FDA Commissioner: Who Would You Choose?
Today—approximately one year after COVID-19 changed all Americans’ daily lives—the need for strong, ethical FDA leadership that makes decisions based on science—is increasingly in the news. Patient safety advocates have long known the impact FDA leadership has when reviewing and approving drugs and medical devices. But more Americans are starting to understand this powerful agency that oversees COVID-19 treatments and vaccines makes critical decisions that impact us all.
President Trump’s FDA commissioner was replaced by an Acting Commissioner (Dr.

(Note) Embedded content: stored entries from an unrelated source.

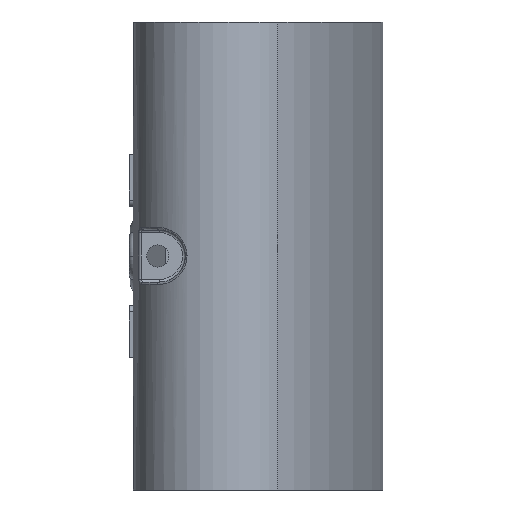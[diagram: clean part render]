
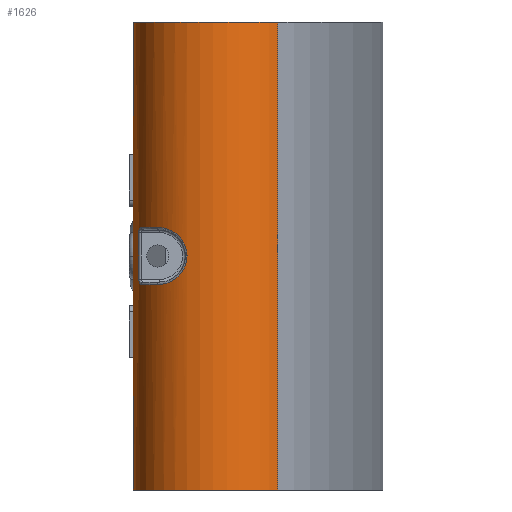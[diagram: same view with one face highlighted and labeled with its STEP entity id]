
A CAD part, left-side view. The second image highlights one B-rep face of the part: STEP entity #1626.
In plain terms, the highlighted cylindrical face has radius 15.665 mm (diameter 31.331 mm), a partial arc.
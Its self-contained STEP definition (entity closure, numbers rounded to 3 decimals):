
#1361=CARTESIAN_POINT('Vertex',(104.449,9.766,-45.)) ;
#1364=CARTESIAN_POINT('Axis2P3D Location',(94.5,-2.334,-45.)) ;
#1368=CARTESIAN_POINT('Vertex',(109.991,0.,-45.)) ;
#1371=CARTESIAN_POINT('Axis2P3D Location',(94.5,-2.334,-45.)) ;
#1375=CARTESIAN_POINT('Vertex',(95.568,-17.964,-45.)) ;
#1455=CARTESIAN_POINT('Vertex',(95.568,-17.964,-27.)) ;
#1458=CARTESIAN_POINT('Line Origine',(95.568,-17.964,0.)) ;
#1470=CARTESIAN_POINT('Axis2P3D Location',(94.5,-2.334,0.)) ;
#1475=CARTESIAN_POINT('Line Origine',(104.449,9.766,0.)) ;
#1479=CARTESIAN_POINT('Vertex',(104.449,9.766,45.)) ;
#1482=CARTESIAN_POINT('Axis2P3D Location',(94.5,-2.334,45.)) ;
#1486=CARTESIAN_POINT('Vertex',(109.991,0.,45.)) ;
#1489=CARTESIAN_POINT('Axis2P3D Location',(94.5,-2.334,45.)) ;
#1493=CARTESIAN_POINT('Vertex',(95.568,-17.964,45.)) ;
#1496=CARTESIAN_POINT('Line Origine',(95.568,-17.964,0.)) ;
#1500=CARTESIAN_POINT('Vertex',(95.568,-17.964,27.)) ;
#1503=CARTESIAN_POINT('Axis2P3D Location',(94.5,-2.334,27.)) ;
#1507=CARTESIAN_POINT('Vertex',(94.5,-18.,27.)) ;
#1510=CARTESIAN_POINT('Line Origine',(94.5,-18.,0.)) ;
#1514=CARTESIAN_POINT('Vertex',(94.5,-18.,18.5)) ;
#1517=CARTESIAN_POINT('Line Origine',(94.5,-18.,0.)) ;
#1521=CARTESIAN_POINT('Vertex',(94.5,-18.,-18.5)) ;
#1524=CARTESIAN_POINT('Line Origine',(94.5,-18.,0.)) ;
#1528=CARTESIAN_POINT('Vertex',(94.5,-18.,-27.)) ;
#1531=CARTESIAN_POINT('Axis2P3D Location',(94.5,-2.334,-27.)) ;
#1550=CARTESIAN_POINT('Axis2P3D Location',(94.5,-2.334,5.5)) ;
#1554=CARTESIAN_POINT('Vertex',(101.214,-16.488,5.5)) ;
#1556=CARTESIAN_POINT('Vertex',(105.637,-13.352,5.5)) ;
#1560=CARTESIAN_POINT('Control Point',(105.637,-13.352,5.5)) ;
#1561=CARTESIAN_POINT('Control Point',(106.3,-12.682,5.5)) ;
#1562=CARTESIAN_POINT('Control Point',(106.914,-11.96,5.404)) ;
#1563=CARTESIAN_POINT('Control Point',(107.467,-11.197,5.185)) ;
#1564=CARTESIAN_POINT('Control Point',(108.421,-9.632,4.39)) ;
#1565=CARTESIAN_POINT('Control Point',(108.974,-8.38,2.923)) ;
#1566=CARTESIAN_POINT('Control Point',(109.143,-7.906,2.003)) ;
#1567=CARTESIAN_POINT('Control Point',(109.229,-7.67,1.002)) ;
#1568=CARTESIAN_POINT('Control Point',(109.229,-7.67,0.)) ;
#1569=CARTESIAN_POINT('Vertex',(109.229,-7.67,0.)) ;
#1573=CARTESIAN_POINT('Control Point',(109.229,-7.67,0.)) ;
#1574=CARTESIAN_POINT('Control Point',(109.229,-7.67,-0.999)) ;
#1575=CARTESIAN_POINT('Control Point',(109.144,-7.905,-1.998)) ;
#1576=CARTESIAN_POINT('Control Point',(108.975,-8.376,-2.916)) ;
#1577=CARTESIAN_POINT('Control Point',(108.424,-9.625,-4.385)) ;
#1578=CARTESIAN_POINT('Control Point',(107.472,-11.19,-5.183)) ;
#1579=CARTESIAN_POINT('Control Point',(106.918,-11.956,-5.404)) ;
#1580=CARTESIAN_POINT('Control Point',(106.302,-12.68,-5.5)) ;
#1581=CARTESIAN_POINT('Control Point',(105.637,-13.352,-5.5)) ;
#1582=CARTESIAN_POINT('Vertex',(105.637,-13.352,-5.5)) ;
#1585=CARTESIAN_POINT('Axis2P3D Location',(94.5,-2.334,-5.5)) ;
#1589=CARTESIAN_POINT('Vertex',(101.214,-16.488,-5.5)) ;
#1593=CARTESIAN_POINT('Control Point',(101.214,-16.488,-5.5)) ;
#1594=CARTESIAN_POINT('Control Point',(100.919,-16.628,-5.5)) ;
#1595=CARTESIAN_POINT('Control Point',(100.622,-16.76,-5.398)) ;
#1596=CARTESIAN_POINT('Control Point',(100.336,-16.874,-5.187)) ;
#1597=CARTESIAN_POINT('Control Point',(100.181,-16.933,-4.841)) ;
#1598=CARTESIAN_POINT('Control Point',(100.181,-16.933,-4.5)) ;
#1599=CARTESIAN_POINT('Vertex',(100.181,-16.933,-4.5)) ;
#1602=CARTESIAN_POINT('Line Origine',(100.181,-16.933,0.)) ;
#1606=CARTESIAN_POINT('Vertex',(100.181,-16.933,4.5)) ;
#1610=CARTESIAN_POINT('Control Point',(100.181,-16.933,4.5)) ;
#1611=CARTESIAN_POINT('Control Point',(100.181,-16.933,4.841)) ;
#1612=CARTESIAN_POINT('Control Point',(100.336,-16.874,5.186)) ;
#1613=CARTESIAN_POINT('Control Point',(100.622,-16.76,5.398)) ;
#1614=CARTESIAN_POINT('Control Point',(100.919,-16.628,5.5)) ;
#1615=CARTESIAN_POINT('Control Point',(101.214,-16.488,5.5)) ;
#1460=VECTOR('Line Direction',#1459,1.) ;
#1477=VECTOR('Line Direction',#1476,1.) ;
#1498=VECTOR('Line Direction',#1497,1.) ;
#1512=VECTOR('Line Direction',#1511,1.) ;
#1519=VECTOR('Line Direction',#1518,1.) ;
#1526=VECTOR('Line Direction',#1525,1.) ;
#1604=VECTOR('Line Direction',#1603,1.) ;
#1365=DIRECTION('Axis2P3D Direction',(0.,0.,1.)) ;
#1372=DIRECTION('Axis2P3D Direction',(0.,0.,1.)) ;
#1459=DIRECTION('Vector Direction',(0.,0.,-1.)) ;
#1471=DIRECTION('Axis2P3D Direction',(0.,0.,1.)) ;
#1472=DIRECTION('Axis2P3D XDirection',(0.989,0.149,0.)) ;
#1476=DIRECTION('Vector Direction',(0.,0.,1.)) ;
#1483=DIRECTION('Axis2P3D Direction',(0.,0.,1.)) ;
#1490=DIRECTION('Axis2P3D Direction',(0.,0.,1.)) ;
#1497=DIRECTION('Vector Direction',(0.,0.,1.)) ;
#1504=DIRECTION('Axis2P3D Direction',(0.,0.,1.)) ;
#1511=DIRECTION('Vector Direction',(0.,0.,1.)) ;
#1518=DIRECTION('Vector Direction',(0.,0.,1.)) ;
#1525=DIRECTION('Vector Direction',(0.,0.,1.)) ;
#1532=DIRECTION('Axis2P3D Direction',(0.,0.,1.)) ;
#1551=DIRECTION('Axis2P3D Direction',(0.,0.,1.)) ;
#1586=DIRECTION('Axis2P3D Direction',(0.,0.,1.)) ;
#1603=DIRECTION('Vector Direction',(0.,0.,1.)) ;
#1366=AXIS2_PLACEMENT_3D('Circle Axis2P3D',#1364,#1365,$) ;
#1373=AXIS2_PLACEMENT_3D('Circle Axis2P3D',#1371,#1372,$) ;
#1473=AXIS2_PLACEMENT_3D('Cylinder Axis2P3D',#1470,#1471,#1472) ;
#1484=AXIS2_PLACEMENT_3D('Circle Axis2P3D',#1482,#1483,$) ;
#1491=AXIS2_PLACEMENT_3D('Circle Axis2P3D',#1489,#1490,$) ;
#1505=AXIS2_PLACEMENT_3D('Circle Axis2P3D',#1503,#1504,$) ;
#1533=AXIS2_PLACEMENT_3D('Circle Axis2P3D',#1531,#1532,$) ;
#1552=AXIS2_PLACEMENT_3D('Circle Axis2P3D',#1550,#1551,$) ;
#1587=AXIS2_PLACEMENT_3D('Circle Axis2P3D',#1585,#1586,$) ;
#1461=LINE('Line',#1458,#1460) ;
#1478=LINE('Line',#1475,#1477) ;
#1499=LINE('Line',#1496,#1498) ;
#1513=LINE('Line',#1510,#1512) ;
#1520=LINE('Line',#1517,#1519) ;
#1527=LINE('Line',#1524,#1526) ;
#1605=LINE('Line',#1602,#1604) ;
#1367=CIRCLE('generated circle',#1366,15.666) ;
#1374=CIRCLE('generated circle',#1373,15.666) ;
#1485=CIRCLE('generated circle',#1484,15.666) ;
#1492=CIRCLE('generated circle',#1491,15.666) ;
#1506=CIRCLE('generated circle',#1505,15.666) ;
#1534=CIRCLE('generated circle',#1533,15.666) ;
#1553=CIRCLE('generated circle',#1552,15.666) ;
#1588=CIRCLE('generated circle',#1587,15.666) ;
#1474=CYLINDRICAL_SURFACE('generated cylinder',#1473,15.666) ;
#1625=FACE_BOUND('',#1617,.T.) ;
#1370=EDGE_CURVE('',#1369,#1362,#1367,.T.) ;
#1377=EDGE_CURVE('',#1376,#1369,#1374,.T.) ;
#1462=EDGE_CURVE('',#1376,#1456,#1461,.F.) ;
#1481=EDGE_CURVE('',#1362,#1480,#1478,.T.) ;
#1488=EDGE_CURVE('',#1487,#1480,#1485,.T.) ;
#1495=EDGE_CURVE('',#1494,#1487,#1492,.T.) ;
#1502=EDGE_CURVE('',#1501,#1494,#1499,.T.) ;
#1509=EDGE_CURVE('',#1508,#1501,#1506,.T.) ;
#1516=EDGE_CURVE('',#1515,#1508,#1513,.T.) ;
#1523=EDGE_CURVE('',#1522,#1515,#1520,.T.) ;
#1530=EDGE_CURVE('',#1529,#1522,#1527,.T.) ;
#1535=EDGE_CURVE('',#1456,#1529,#1534,.F.) ;
#1558=EDGE_CURVE('',#1555,#1557,#1553,.T.) ;
#1571=EDGE_CURVE('',#1557,#1570,#1559,.T.) ;
#1584=EDGE_CURVE('',#1570,#1583,#1572,.T.) ;
#1591=EDGE_CURVE('',#1583,#1590,#1588,.F.) ;
#1601=EDGE_CURVE('',#1590,#1600,#1592,.T.) ;
#1608=EDGE_CURVE('',#1600,#1607,#1605,.T.) ;
#1616=EDGE_CURVE('',#1607,#1555,#1609,.T.) ;
#1536=EDGE_LOOP('',(#1537,#1538,#1539,#1540,#1541,#1542,#1543,#1544,#1545,#1546,#1547,#1548)) ;
#1617=EDGE_LOOP('',(#1618,#1619,#1620,#1621,#1622,#1623,#1624)) ;
#1537=ORIENTED_EDGE('',*,*,#1377,.T.) ;
#1538=ORIENTED_EDGE('',*,*,#1370,.T.) ;
#1539=ORIENTED_EDGE('',*,*,#1481,.T.) ;
#1540=ORIENTED_EDGE('',*,*,#1488,.F.) ;
#1541=ORIENTED_EDGE('',*,*,#1495,.F.) ;
#1542=ORIENTED_EDGE('',*,*,#1502,.F.) ;
#1543=ORIENTED_EDGE('',*,*,#1509,.F.) ;
#1544=ORIENTED_EDGE('',*,*,#1516,.F.) ;
#1545=ORIENTED_EDGE('',*,*,#1523,.F.) ;
#1546=ORIENTED_EDGE('',*,*,#1530,.F.) ;
#1547=ORIENTED_EDGE('',*,*,#1535,.F.) ;
#1548=ORIENTED_EDGE('',*,*,#1462,.F.) ;
#1618=ORIENTED_EDGE('',*,*,#1558,.T.) ;
#1619=ORIENTED_EDGE('',*,*,#1571,.T.) ;
#1620=ORIENTED_EDGE('',*,*,#1584,.T.) ;
#1621=ORIENTED_EDGE('',*,*,#1591,.T.) ;
#1622=ORIENTED_EDGE('',*,*,#1601,.T.) ;
#1623=ORIENTED_EDGE('',*,*,#1608,.T.) ;
#1624=ORIENTED_EDGE('',*,*,#1616,.T.) ;
#1362=VERTEX_POINT('',#1361) ;
#1369=VERTEX_POINT('',#1368) ;
#1376=VERTEX_POINT('',#1375) ;
#1456=VERTEX_POINT('',#1455) ;
#1480=VERTEX_POINT('',#1479) ;
#1487=VERTEX_POINT('',#1486) ;
#1494=VERTEX_POINT('',#1493) ;
#1501=VERTEX_POINT('',#1500) ;
#1508=VERTEX_POINT('',#1507) ;
#1515=VERTEX_POINT('',#1514) ;
#1522=VERTEX_POINT('',#1521) ;
#1529=VERTEX_POINT('',#1528) ;
#1555=VERTEX_POINT('',#1554) ;
#1557=VERTEX_POINT('',#1556) ;
#1570=VERTEX_POINT('',#1569) ;
#1583=VERTEX_POINT('',#1582) ;
#1590=VERTEX_POINT('',#1589) ;
#1600=VERTEX_POINT('',#1599) ;
#1607=VERTEX_POINT('',#1606) ;
#1626=ADVANCED_FACE('\X2\96F64EF651E04F554F53\X0\',(#1549,#1625),#1474,.T.) ;
#1559=B_SPLINE_CURVE_WITH_KNOTS('',5,(#1560,#1561,#1562,#1563,#1564,#1565,#1566,#1567,#1568),.UNSPECIFIED.,.F.,.U.,(6,3,6),(28.375,34.792,41.56),.UNSPECIFIED.) ;
#1572=B_SPLINE_CURVE_WITH_KNOTS('',5,(#1573,#1574,#1575,#1576,#1577,#1578,#1579,#1580,#1581),.UNSPECIFIED.,.F.,.U.,(6,3,6),(24.341,31.09,37.526),.UNSPECIFIED.) ;
#1592=B_SPLINE_CURVE_WITH_KNOTS('',5,(#1593,#1594,#1595,#1596,#1597,#1598),.UNSPECIFIED.,.F.,.U.,(6,6),(2.876,4.785),.UNSPECIFIED.) ;
#1609=B_SPLINE_CURVE_WITH_KNOTS('',5,(#1610,#1611,#1612,#1613,#1614,#1615),.UNSPECIFIED.,.F.,.U.,(6,6),(2.944,4.852),.UNSPECIFIED.) ;
#1549=FACE_OUTER_BOUND('',#1536,.T.) ;

Janet Woodcock) until the Biden administration decides who will fill that important role. They have been considering two candidates as frontrunners: Dr. Joshua Sharfstein and Dr. Janet Woodcock.

We don’t know who will win, but one thing is sure: the FDA needs a leader who can improve agency standards and regain credibility. Here's some brief background info about these two candidates and related comments from public health experts and nonprofit leaders. 
Dr. Sharfstein
Sharfstein was former deputy FDA chief and is currently Vice Dean for Public Health Practice and Community Engagement at Johns Hopkins Bloomberg School of Public Health. He earned degrees from Harvard College and Harvard Medical School and completed his residency in pediatrics. Sharfstein has received numerous awards for his work in public health, including one from the Consumer Product Safety Commission, an independent federal regulatory agency that works “to reduce the risk of injuries and deaths from consumer products.” (1) Governing Magazine recognized Sharfstein as Public Official of the Year in 2008.
Dr. Woodcock
Woodcock worked in the FDA’s Center for Drug Evaluation and Research (CDER) for nearly three decades and as led CDER’s since 2008. She is currently involved in “Operation Warp Speed” to develop COVID-19 treatments. She earned degrees from Bucknell University and Northwestern University Medical School and completed her residency in rheumatology. Woodcock has received numerous awards for her work in public health, including one from Friends of Cancer Research, a largely pharma-funded nonprofit whose stated goal is to “unite scientists, pharmaceutical companies, and policy makers with shared trust and guide them toward meaningful cooperation.” (2)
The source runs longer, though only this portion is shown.